Thanks Ron...Let me rephrase. I have areas in the building that exceed TD for any AMOE but not for "regular"....


----------



## RLGA (Apr 7, 2016)

So, what you're saying is that not all of your exits are considered AMOE, correct? If so, what is preventing a closer exit from being considered an AMOE?


----------



## steveray (Apr 8, 2016)

430,000 ft warehouse, doors every 100ft 460' X 920' building. 920' side has no AMOE (loading docks) +/- 5' elevation drop. From the center of that wall it is 460' to any AMOE. Not that it would be that difficult to do an exterior area for assisted rescue, but none are proposed...


----------



## kilitact (Apr 8, 2016)

At a minimum an exterior area for rescue assisted is required.


----------



## RLGA (Apr 8, 2016)

Are there other means of egress doors along the 920-foot side with the loading docks? If not, then how does any occupant at that point have an exit within the maximum travel distance? If there are doors with stairs, can the door closest to the mid-point of the wall incorporate an exterior area for assisted rescue as kilitact suggested?


----------



## steveray (Apr 8, 2016)

> Are there other means of egress doors along the 920-foot side with the loading docks? If not' date=' then how does any occupant at that point have an exit within the maximum travel distance? If there are doors with stairs, can the door closest to the mid-point of the wall incorporate an exterior area for assisted rescue as kilitact suggested?[/quote']Yep...every 100'...I am on board with kilitact. Just the designer is not....Double checking myself as I keep hoping the designers know better than I.


----------



## RANDOM (May 4, 2016)

I am trying to determine the exact requirements to comply with the MOE for an industrial building. The 80.000 sf, two level building is made of tilt up concrete panels and has a sprinkler system. It's main use is to store ion lithium batteries racks -which I know for sure might burn up if there is a "thermal runway"- and therefore the building should be considered H use (hazardous).

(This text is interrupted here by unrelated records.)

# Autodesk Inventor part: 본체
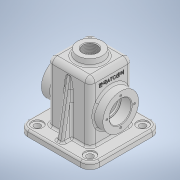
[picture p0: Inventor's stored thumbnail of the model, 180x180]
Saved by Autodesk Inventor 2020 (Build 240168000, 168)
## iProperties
Created: 2021-07
Part Number: 본체
Material: 일반
Document SubType Name: Modeling
Designer: Owner
Density: 1 g/cm^3
Appearance: 기본값
Author: Owner
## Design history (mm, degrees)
sketch "스케치1"
  geometry: L1 (34, 34)-(-34, 34); L2 (-34, 34)-(-34, -34); L3 (-34, -34)-(34, -34); L4 (34, -34)-(34, 34); L5 (34, 34)-(-34, -34); L6 (-34, 34)-(34, -34); 1 further point
  constraints: 12 end point, 2 midpoint, 2 parallel, 1 horizontal, 1 perpendicular
  dimensions: "d0" = 68 distance of L3.end L2.end; "d1" = 68 distance of L2.end L1.end
extrude "돌출1" new body sketch "스케치1" distance "d2" = 95; taper "d3" = 0 deg
fillet "모깎기1" dims "d4" = 8
feature "쉘1" dims "d5" = 5
node "작업 평면1"
sketch "스케치2"
  geometry: C1 r 20 at (0, 0); 1 further point
  constraints: 1 centre point, 1 coincident
  dimensions: "d7" = 40 diameter of C1
extrude "돌출2" join sketch "스케치2" stored distance "d8" = 95; taper "d9" = 8 deg
sketch "스케치3"
  geometry: L1 (57, -57)-(-57, -57); L2 (-57, -57)-(-57, 57); L3 (-57, 57)-(57, 57); L4 (57, 57)-(57, -57); L5 (57, -57)-(-57, 57); L6 (-57, -57)-(57, 57); L7 (-29, -26)-(-29, 26) reference; L8 (26, -29)-(-26, -29) reference; L9 (29, 26)-(29, -26) reference; L10 (-26, 29)-(26, 29) reference; A1 r 3 centre (-26, -26) between (-29, -26) and (-26, -29) reference; A2 r 3 centre (26, -26) between (26, -29) and (29, -26) reference; A3 r 3 centre (-26, 26) between (-26, 29) and (-29, 26) reference; A4 r 3 centre (26, 26) between (29, 26) and (26, 29) reference; 1 further point
  constraints: 12 end point, 2 midpoint, 2 parallel, 1 horizontal, 1 perpendicular
  dimensions: "d10" = 114 distance of L2.end L3.end; "d11" = 114 distance of L1.end L2.end
extrude "돌출3" join sketch "스케치3" distance "d12" = 10; taper "d13" = 0 deg
fillet "모깎기2" dims "d14" = 15
sketch "스케치4"
  geometry: A1 r 15 centre (42, -42) between (42, -57) and (57, -42) reference; A2 r 15 centre (-42, -42) between (-57, -42) and (-42, -57) reference; A3 r 15 centre (42, 42) between (57, 42) and (42, 57) reference; A4 r 15 centre (-42, 42) between (-42, 57) and (-57, 42) reference; 5 further points
  constraints: 4 coincident
hole "구멍1" sketch "스케치4" at (42, -42), (-42, -42), (42, 42), (-42, 42) diameter "d15" = 10; stored, may be unused: countersink angle "d19" = 90 deg, drill point angle "d21" = 0 deg; dims "d16" = 8, "d17" = 18, "d18" = 2, "d20" = 10
sketch "스케치5"
  geometry: C1 r 20 at (0, 0) reference; 2 further points
  constraints: 1 coincident
hole "구멍2" sketch "스케치5" at (0, 0) diameter "d22" = 22.83494; stored, may be unused: countersink angle "d26" = 90 deg, drill point angle "d28" = 0 deg; dims "d23" = 20, "d24" = 18, "d25" = 2, "d27" = 20
node "작업 평면2"
sketch "스케치6"
  geometry: C1 r 28.5 at (42, 0); 1 further point
  constraints: 1 centre point, 1 horizontal alignment
  dimensions: "d30" = 57 diameter of C1; "d31" = 42 distance of point (0, 0) C1.centre
extrude "돌출4" join sketch "스케치6" stored distance "d32" = 10; taper "d33" = 0 deg
sketch "스케치7"
  geometry: C1 r 28.5 at (0, 0) reference; C2 r 17.5 at (0, 0); 1 further point
  constraints: 1 centre point, 1 coincident
  dimensions: "d34" = 35 diameter of C2
extrude "돌출5" cut sketch "스케치7" distance "d35" = 17; taper "d36" = 0 deg
sketch "스케치8"
  geometry: C1 r 17.5 at (0, 0) reference; C2 r 15 at (0, 0); 1 further point
  constraints: 1 centre point, 1 coincident
  dimensions: "d37" = 30 diameter of C2
extrude "돌출6" cut sketch "스케치8" stored distance "d38" = 17; taper "d39" = 0 deg
sketch "스케치9"
  geometry: L1 (6, 18)-(46, 18) reference; L2 (-8, 0)-(-8, -87) reference; 2 further points
  constraints: 1 other
  dimensions: "d40" = 25 distance from line of L1 point (26, -7); "d41" = 34 distance from line of L2 point (26, -7)
feature "엠보싱1" sketch "스케치9" dims "d0" = 68, "d1" = 68, "d42" = 0.5, "d43" = 0
sketch "스케치10" dims "d44" = 44
  geometry: C1 r 17.5 at (0, 0) reference; C2 r 15 at (0, 0) reference; 3 further points
  constraints: 2 vertical alignment, 1 coincident, 2 other
hole "구멍3" sketch "스케치10" at (0, 22) diameter "d45" = 3.242; stored, may be unused: countersink angle "d49" = 90 deg, drill point angle "d51" = 118 deg; dims "d46" = 8, "d47" = 18, "d48" = 2, "d50" = 10
sketch "스케치11"
  geometry: L1 (61.199, 38.209)-(0, 49); L2 (61.78, -38.107)-(0, -49); L3 (-10, 57)-(0, 57) reference; L4 (0, -57)-(-10, -57) reference; L5 (0, 51)-(0, 33) reference; L6 (0, 57)-(0, 42) reference; L7 (0, -33)-(0, -51) reference; L8 (0, -42)-(0, -57) reference; 1 further point
  constraints: 4 end point, 2 point on line
  dimensions: "d55" = 10 deg angle of L1 L3; "d56" = 10 deg angle of L2 L4; "d57" = 8 vertical distance of L3.start L1.end; "d58" = 8 distance from line of L4 L2.end
feature "리브1" sketch "스케치11" dims "d59" = 1, "d60" = 10, "d61" = 0, "d62" = 0, "d63" = 1, "d64" = 1
fillet "모깎기3" dims "d65" = 3
fillet "모깎기4" dims "d66" = 3
fillet "모깎기5" dims "d67" = 3
fillet "모깎기6" dims "d68" = 3
fillet "모깎기7" dims "d69" = 0.3
chamfer "모따기1" distance "d70" = 1; stored, may be unused: second distance "d71" = 2, angle "d72" = 45 deg
node "솔리드1"
mirror "미러1"
pattern_circular "원형 패턴1" dims angle "d53" = 360 deg
mirror "미러2"
mirror "미러3"
feature "A9D066F2-1C7D-4E18-AEED-F7BC21143FA4" dims "d15" = 10, "d16" = 8, "d17" = 18, "d18" = 2, "d19" = 90 deg, "d20" = 10, "d21" = 0
other parameters: "d6" = -105, "d29" = -49
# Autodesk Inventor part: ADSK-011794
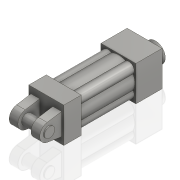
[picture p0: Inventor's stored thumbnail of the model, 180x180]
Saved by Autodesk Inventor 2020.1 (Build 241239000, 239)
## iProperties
Created: 1999-11
Part Number: ADSK-011794
Material: Aluminum
Document SubType Name: Modeling
Designer: kcovelli
Density: 2.71 g/cm^3
Appearance: Steel
Mass: 458.941 g
Surface Area: 631.515 cm^2
Volume: 169.351 cm^3
Control State: 0
Master: False
Checked Out: False
Shininess: 0.0
Length Units: 11272
Angle Units: 11279
Time Units: 11290
Mass Units: 11286
Length Display Precision: 3
Angle Display Precision: 2
Compacted: True
Dimensions: 2x2x7,5 in
Mass: 1,012 lb
DocNumber: ADSK-011794.ipt
Folder: 01 - Themengebiete\Simplification\01 - Packaging machine\
VDS_Category: 3D Komponenten
Density: 0.0
Volumn: 0.0
Area: 0.0
PropertySet Name: Model Information
Author: kcovelli
Revision Number: -
Title: Zylinder
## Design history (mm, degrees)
node "Extrusion1" dims "d0" = 38.1, "d1" = 0
node "Extrusion3" dims "d24" = 79.375, "d25" = 0
node "Shell1" dims "d26" = 3.175
node "Extrusion4" dims "d27" = 12.7, "d28" = 0
node "Extrusion5" dims "d29" = 12.7, "d30" = 0
node "Extrusion6" dims "d37" = 50.8, "d38" = 0
workplane "Work Plane1"
node "Extrusion7" dims "d43" = 47.625, "d44" = 0
node "Extrusion8" dims "d46" = 15.875, "d47" = 0
node "Extrusion9" dims "d52" = 15.875, "d53" = 0
node "Extrusion10" dims "d55" = 76.2, "d56" = 0
workplane "Work Plane4"
node "Mirror3"
workplane "Arbeitsebene5"
node "Solide1"
node "Corps solides"
node "Corps surfaciques"
sketch "Sketch1"
  geometry: L1 (-252.48, -244.003)-(-201.68, -244.003); L2 (-201.68, -244.003)-(-201.68, -294.803); L3 (-201.68, -294.803)-(-252.48, -294.803); L4 (-252.48, -294.803)-(-252.48, -244.003)
  constraints: 8 end point, 2 parallel, 1 horizontal, 1 perpendicular
  dimensions: "d3" = 50.8 distance of L1.end L2.end (= d64); "d64" = 50.8 distance between parallel lines of L2 L4
sketch "Sketch5"
  geometry: L1 (-252.48, -294.803)-(-252.48, -244.003) reference; L2 (-201.68, -294.803)-(-252.48, -294.803) reference; L3 (-252.48, -244.003)-(-201.68, -244.003) reference; L4 (-201.68, -244.003)-(-201.68, -294.803) reference; C1 r 7.938 at (-242.161, -254.322); C2 r 7.938 at (-211.999, -254.322); C3 r 7.938 at (-242.161, -284.485); C4 r 7.938 at (-211.999, -284.485); C5 r 23.812 at (-227.08, -269.403)
  constraints: 5 centre point
  dimensions: "d9" = 10.31875 distance from line of C3.centre L1; "d13" = 10.31875 distance from line of C4.centre L2 (= d9); "d14" = 10.31875 distance from line of C3.centre L2 (= d9); "d17" = 15.875 diameter of C1 (= d18); "d18" = 15.875 diameter of C3; "d19" = 15.875 diameter of C2 (= d18); "d20" = 15.875 diameter of C4 (= d18); "d21" = 25.4 distance from line of C5.centre L1; "d22" = 25.4 distance from line of C5.centre L2 (= d21); "d23" = 47.625 diameter of C5; "d57" = 15.08125 horizontal distance of C4.centre C5.centre (= d21 - d9); "d58" = 15.08125 horizontal distance of C1.centre C5.centre (= d57); "d59" = 15.08125 horizontal distance of C1.centre C5.centre; "d60" = 15.08125 horizontal distance of C2.centre C5.centre (= d59); "d61" = 15.08125 horizontal distance of C2.centre C5.centre (= d58)
sketch "Sketch6"
  geometry: L1 (-252.48, -294.803)-(-252.48, -244.003) reference; L2 (-252.48, -244.003)-(-201.68, -244.003) reference; L3 (-201.68, -244.003)-(-201.68, -294.803) reference; L4 (-201.68, -294.803)-(-252.48, -294.803) reference
sketch "Sketch7"
  geometry: L1 (-252.48, -294.803)-(-252.48, -244.003) reference; L2 (-201.68, -294.803)-(-252.48, -294.803) reference; L3 (-201.68, -244.003)-(-201.68, -294.803) reference; L4 (-252.48, -244.003)-(-201.68, -244.003) reference
sketch "Sketch8"
  geometry: L1 (-252.48, -294.803)-(-252.48, -244.003) reference; L2 (-201.68, -294.803)-(-252.48, -294.803) reference; L3 (-249.305, -253.528)-(-236.605, -253.528); L4 (-236.605, -253.528)-(-236.605, -285.278); L5 (-236.605, -285.278)-(-249.305, -285.278); L6 (-249.305, -285.278)-(-249.305, -253.528)
  constraints: 8 end point, 2 parallel, 1 horizontal, 1 perpendicular
  dimensions: "d31" = 3.175 distance between parallel lines of L6 L1; "d33" = 9.525 distance between parallel lines of L5 L2; "d36" = 12.7 distance of L4.end L5.end; "d65" = 31.75 distance between parallel lines of L3 L5
sketch "Sketch10"
  geometry: L1 (-50.8, 0)-(-50.8, 31.75) reference; L2 (-50.8, 31.75)-(0, 31.75) reference; L3 (-50.8, 0)-(0, 0) reference; C1 r 7.46 at (-31.75, 15.875)
  constraints: 1 centre point
  dimensions: "d41" = 19.05 distance from line of C1.centre L1; "d66" = 15.875 distance from line of C1.centre L3
sketch "Sketch11"
  geometry: L1 (0, 0)-(0, 31.75) reference; L2 (-50.8, 31.75)-(0, 31.75) reference; L3 (-50.8, 0)-(0, 0) reference; L4 (-29.764, 3.331)-(-50.8, 0); L5 (-29.764, 28.419)-(-50.8, 31.75); C1 r 7.46 at (-31.75, 15.875) reference; A1 r 12.7 centre (-31.75, 15.875) between (-29.764, 3.331) and (-29.764, 28.419)
  constraints: 4 end point, 2 point on circle, 2 tangent, 1 centre point, 1 coincident
  dimensions: "d45" = 12.7 radius of A1
sketch "Sketch13"
  geometry: L1 (252.48, -294.803)-(201.68, -294.803) reference; L2 (252.48, -244.003)-(252.48, -294.803) reference; C1 r 14.275 at (227.08, -269.403)
  constraints: 1 centre point
  dimensions: "d51" = 28.5496 diameter of C1; "d62" = 25.4 distance from line of C1.centre L1; "d63" = 25.4 distance from line of C1.centre L2 (= d62)
sketch "Sketch14"
  geometry: C1 r 14.275 at (0, 0) reference; C2 r 8.001 at (0, 0)
  constraints: 1 centre point, 1 coincident
  dimensions: "d54" = 16.002 diameter of C2
other parameters: "d39" = 1.5875, "d67" = -25.4

What would you say is the correct process to determine a building's MOE?

1)Determine USE
2)Determine construction type
3)Determine Occupancy Load Factor

What other issues should I consider to determine the right MOE?

I appreciate any feedback.

p.s. I searched for industrial building codes forum but could not find one, I am not sure if this post belongs here.


----------



## Builder Bob (May 5, 2016)

Google - Free online building codes -

Click international Codes

Under the Building Codes, a link is provided for the 2009 Commentary.... This is an excerpt of what the commentary states.
(Although in most jurisdictions the commentary is not "the code", it does provide incite or guidance on how a building official may interpret the code.)

While there are no disbursement requirements specific to accessible means of egress or* travel distance limitations* where there is no area of refuge requirement (see Sections 1007.3, 1007.4 and 1007.6), the code requires exits to be distinct and independent (Section 1021.1). Therefore, if a stairway and elevator being used for accessible means of egress were adjacent to each other, this would only count as one accessible means of egress. 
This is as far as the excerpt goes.